◆ What the task asks
Only lines with the word "rotation" are needed; collect each of them from the listing below.

◆ Data listing
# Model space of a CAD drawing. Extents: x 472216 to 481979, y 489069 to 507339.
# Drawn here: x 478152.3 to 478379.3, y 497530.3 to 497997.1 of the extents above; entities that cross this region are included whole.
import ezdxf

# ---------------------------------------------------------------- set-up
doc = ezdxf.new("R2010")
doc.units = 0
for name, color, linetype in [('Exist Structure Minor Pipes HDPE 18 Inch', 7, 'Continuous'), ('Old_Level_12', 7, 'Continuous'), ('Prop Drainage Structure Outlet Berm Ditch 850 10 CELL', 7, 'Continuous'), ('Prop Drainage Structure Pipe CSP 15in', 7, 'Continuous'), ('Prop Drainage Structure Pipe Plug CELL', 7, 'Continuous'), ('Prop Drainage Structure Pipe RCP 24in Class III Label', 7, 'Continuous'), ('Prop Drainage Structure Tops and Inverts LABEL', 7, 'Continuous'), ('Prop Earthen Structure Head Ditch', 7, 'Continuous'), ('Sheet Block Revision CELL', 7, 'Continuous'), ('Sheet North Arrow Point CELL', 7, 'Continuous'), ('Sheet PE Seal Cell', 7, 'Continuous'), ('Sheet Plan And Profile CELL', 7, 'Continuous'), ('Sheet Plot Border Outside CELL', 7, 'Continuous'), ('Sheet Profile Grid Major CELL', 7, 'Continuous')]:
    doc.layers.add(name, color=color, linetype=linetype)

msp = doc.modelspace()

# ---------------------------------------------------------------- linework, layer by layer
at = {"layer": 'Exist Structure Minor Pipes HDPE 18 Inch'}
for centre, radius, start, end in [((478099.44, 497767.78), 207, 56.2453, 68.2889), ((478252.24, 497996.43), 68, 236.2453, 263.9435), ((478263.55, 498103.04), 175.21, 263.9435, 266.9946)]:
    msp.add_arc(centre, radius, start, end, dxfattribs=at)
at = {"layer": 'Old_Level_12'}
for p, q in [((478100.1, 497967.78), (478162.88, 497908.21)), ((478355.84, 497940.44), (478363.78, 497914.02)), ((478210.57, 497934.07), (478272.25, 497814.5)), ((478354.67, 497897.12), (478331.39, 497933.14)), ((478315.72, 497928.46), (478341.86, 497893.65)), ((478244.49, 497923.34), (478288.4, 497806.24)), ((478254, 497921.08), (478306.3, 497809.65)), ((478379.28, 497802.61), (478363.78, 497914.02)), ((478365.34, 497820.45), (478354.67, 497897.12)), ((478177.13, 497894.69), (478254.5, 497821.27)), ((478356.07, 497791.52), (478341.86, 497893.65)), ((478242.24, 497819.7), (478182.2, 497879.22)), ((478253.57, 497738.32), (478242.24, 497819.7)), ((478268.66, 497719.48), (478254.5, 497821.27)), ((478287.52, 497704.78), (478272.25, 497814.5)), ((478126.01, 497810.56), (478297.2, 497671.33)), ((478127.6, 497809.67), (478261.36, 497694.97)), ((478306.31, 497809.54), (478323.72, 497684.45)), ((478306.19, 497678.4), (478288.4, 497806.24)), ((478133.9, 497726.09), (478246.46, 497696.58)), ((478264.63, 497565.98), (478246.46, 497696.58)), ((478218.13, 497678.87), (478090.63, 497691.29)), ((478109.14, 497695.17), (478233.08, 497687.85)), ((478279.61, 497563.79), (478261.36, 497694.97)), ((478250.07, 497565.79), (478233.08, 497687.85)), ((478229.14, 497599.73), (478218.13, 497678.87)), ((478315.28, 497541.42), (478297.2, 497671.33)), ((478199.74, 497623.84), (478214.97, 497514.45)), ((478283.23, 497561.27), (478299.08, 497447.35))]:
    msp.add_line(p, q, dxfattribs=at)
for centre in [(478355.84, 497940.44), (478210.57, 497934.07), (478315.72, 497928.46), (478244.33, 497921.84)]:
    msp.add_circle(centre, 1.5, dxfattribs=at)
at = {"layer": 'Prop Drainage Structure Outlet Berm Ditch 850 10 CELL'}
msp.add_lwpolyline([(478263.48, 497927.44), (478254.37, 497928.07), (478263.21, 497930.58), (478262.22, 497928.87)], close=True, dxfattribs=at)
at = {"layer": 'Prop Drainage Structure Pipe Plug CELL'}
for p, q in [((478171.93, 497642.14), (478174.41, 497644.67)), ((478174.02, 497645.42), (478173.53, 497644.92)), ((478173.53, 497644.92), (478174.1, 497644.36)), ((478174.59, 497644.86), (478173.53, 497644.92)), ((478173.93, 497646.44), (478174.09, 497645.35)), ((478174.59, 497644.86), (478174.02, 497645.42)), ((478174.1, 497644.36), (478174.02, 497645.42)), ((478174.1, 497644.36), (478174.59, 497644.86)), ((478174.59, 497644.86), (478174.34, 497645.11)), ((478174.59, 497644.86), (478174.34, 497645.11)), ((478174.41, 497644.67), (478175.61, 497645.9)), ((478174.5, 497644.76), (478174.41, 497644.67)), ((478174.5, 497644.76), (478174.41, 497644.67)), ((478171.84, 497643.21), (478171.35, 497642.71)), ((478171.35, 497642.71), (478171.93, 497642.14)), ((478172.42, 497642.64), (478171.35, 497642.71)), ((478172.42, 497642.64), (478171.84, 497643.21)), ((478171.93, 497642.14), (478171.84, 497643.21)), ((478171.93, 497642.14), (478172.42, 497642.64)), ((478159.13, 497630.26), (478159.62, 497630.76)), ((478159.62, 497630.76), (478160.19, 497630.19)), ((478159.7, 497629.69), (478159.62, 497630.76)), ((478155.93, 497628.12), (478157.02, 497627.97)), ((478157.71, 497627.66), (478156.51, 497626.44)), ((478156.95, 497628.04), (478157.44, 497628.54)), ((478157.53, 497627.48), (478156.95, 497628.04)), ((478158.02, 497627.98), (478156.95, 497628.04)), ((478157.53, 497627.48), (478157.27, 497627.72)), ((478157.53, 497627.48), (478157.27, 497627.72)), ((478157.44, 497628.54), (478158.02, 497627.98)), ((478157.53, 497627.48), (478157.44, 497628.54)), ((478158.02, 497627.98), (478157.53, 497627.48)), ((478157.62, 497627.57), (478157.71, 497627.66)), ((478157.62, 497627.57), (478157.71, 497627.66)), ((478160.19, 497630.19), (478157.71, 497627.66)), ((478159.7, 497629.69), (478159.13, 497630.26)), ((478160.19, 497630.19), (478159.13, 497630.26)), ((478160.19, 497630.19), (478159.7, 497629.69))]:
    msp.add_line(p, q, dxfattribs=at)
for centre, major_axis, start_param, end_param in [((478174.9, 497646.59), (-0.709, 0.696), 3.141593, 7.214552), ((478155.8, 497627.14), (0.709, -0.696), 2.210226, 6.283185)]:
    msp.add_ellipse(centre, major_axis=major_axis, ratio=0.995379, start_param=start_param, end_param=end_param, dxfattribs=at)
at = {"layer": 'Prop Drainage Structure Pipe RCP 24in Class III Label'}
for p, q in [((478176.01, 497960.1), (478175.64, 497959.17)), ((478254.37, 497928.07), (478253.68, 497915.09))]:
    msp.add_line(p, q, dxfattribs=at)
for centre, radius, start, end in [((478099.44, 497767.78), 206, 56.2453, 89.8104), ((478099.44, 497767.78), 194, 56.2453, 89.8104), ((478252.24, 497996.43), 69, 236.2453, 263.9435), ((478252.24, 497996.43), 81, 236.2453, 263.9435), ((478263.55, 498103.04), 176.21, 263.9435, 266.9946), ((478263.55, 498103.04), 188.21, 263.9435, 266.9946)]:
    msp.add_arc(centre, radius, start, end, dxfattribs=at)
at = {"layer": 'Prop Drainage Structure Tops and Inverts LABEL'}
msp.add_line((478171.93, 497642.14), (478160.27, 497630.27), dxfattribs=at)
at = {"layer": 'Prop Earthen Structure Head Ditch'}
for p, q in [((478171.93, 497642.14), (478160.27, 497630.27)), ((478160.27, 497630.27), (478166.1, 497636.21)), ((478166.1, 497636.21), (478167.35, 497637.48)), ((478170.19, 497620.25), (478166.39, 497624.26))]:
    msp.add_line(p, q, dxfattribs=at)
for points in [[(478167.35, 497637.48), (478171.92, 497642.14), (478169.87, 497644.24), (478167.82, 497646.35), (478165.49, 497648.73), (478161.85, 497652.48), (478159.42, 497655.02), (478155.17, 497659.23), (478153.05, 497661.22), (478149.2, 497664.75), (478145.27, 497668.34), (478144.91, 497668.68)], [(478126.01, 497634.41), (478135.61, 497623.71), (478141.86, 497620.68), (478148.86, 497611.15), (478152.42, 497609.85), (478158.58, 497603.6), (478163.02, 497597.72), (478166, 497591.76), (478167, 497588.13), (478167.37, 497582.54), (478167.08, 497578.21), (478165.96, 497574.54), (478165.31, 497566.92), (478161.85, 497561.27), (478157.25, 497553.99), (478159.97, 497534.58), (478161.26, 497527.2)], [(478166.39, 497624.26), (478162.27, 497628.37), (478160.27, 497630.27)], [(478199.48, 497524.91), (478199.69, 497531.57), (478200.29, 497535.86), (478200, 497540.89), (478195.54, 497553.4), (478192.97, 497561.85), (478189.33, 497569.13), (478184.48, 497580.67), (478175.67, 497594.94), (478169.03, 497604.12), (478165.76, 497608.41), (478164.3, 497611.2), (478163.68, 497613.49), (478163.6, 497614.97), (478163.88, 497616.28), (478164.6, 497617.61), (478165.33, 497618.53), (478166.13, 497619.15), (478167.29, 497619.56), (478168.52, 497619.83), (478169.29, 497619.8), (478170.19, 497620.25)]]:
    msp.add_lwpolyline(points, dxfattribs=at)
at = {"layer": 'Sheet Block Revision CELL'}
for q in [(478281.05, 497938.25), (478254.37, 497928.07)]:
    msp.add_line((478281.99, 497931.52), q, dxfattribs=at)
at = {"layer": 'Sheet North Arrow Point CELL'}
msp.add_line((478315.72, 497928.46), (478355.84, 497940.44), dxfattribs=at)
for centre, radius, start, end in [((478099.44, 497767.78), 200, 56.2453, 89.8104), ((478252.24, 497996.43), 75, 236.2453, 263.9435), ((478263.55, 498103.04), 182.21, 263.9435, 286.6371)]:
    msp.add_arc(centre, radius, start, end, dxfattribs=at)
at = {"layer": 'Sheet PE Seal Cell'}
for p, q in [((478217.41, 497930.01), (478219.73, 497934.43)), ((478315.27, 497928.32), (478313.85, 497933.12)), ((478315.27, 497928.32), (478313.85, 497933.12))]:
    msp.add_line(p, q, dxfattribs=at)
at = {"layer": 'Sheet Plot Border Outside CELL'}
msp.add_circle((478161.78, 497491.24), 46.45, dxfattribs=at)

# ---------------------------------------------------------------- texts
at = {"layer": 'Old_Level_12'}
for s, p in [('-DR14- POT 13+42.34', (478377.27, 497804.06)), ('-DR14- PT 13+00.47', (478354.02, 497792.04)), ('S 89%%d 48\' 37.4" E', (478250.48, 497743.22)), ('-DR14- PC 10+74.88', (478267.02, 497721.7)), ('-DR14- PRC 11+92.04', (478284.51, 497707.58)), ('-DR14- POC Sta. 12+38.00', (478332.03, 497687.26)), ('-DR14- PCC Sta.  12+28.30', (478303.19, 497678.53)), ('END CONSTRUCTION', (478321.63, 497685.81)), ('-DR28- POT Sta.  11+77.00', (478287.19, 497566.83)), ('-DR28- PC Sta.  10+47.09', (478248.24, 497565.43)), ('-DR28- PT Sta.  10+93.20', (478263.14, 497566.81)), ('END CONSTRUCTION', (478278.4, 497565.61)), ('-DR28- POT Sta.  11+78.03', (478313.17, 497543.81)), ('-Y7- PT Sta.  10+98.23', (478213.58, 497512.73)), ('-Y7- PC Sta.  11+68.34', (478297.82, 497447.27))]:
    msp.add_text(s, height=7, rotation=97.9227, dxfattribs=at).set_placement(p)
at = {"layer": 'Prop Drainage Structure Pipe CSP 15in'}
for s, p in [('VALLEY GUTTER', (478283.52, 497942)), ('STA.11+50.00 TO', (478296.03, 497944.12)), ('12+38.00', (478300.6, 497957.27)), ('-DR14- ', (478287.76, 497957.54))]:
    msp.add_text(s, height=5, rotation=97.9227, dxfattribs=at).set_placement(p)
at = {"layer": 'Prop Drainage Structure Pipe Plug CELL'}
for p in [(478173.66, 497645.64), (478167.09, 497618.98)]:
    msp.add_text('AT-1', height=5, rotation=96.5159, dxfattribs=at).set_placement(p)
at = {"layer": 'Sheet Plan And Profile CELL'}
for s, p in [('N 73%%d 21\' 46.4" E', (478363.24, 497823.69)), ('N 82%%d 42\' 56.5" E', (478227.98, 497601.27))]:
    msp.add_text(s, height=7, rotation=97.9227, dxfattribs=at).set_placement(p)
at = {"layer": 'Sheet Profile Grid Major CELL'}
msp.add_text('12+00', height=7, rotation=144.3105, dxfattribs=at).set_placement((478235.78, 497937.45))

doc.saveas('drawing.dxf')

◆ Written solution
    msp.add_text(s, height=7, rotation=97.9227, dxfattribs=at).set_placement(p)
    msp.add_text(s, height=5, rotation=97.9227, dxfattribs=at).set_placement(p)
    msp.add_text('AT-1', height=5, rotation=96.5159, dxfattribs=at).set_placement(p)
    msp.add_text(s, height=7, rotation=97.9227, dxfattribs=at).set_placement(p)
msp.add_text('12+00', height=7, rotation=144.3105, dxfattribs=at).set_placement((478235.78, 497937.45))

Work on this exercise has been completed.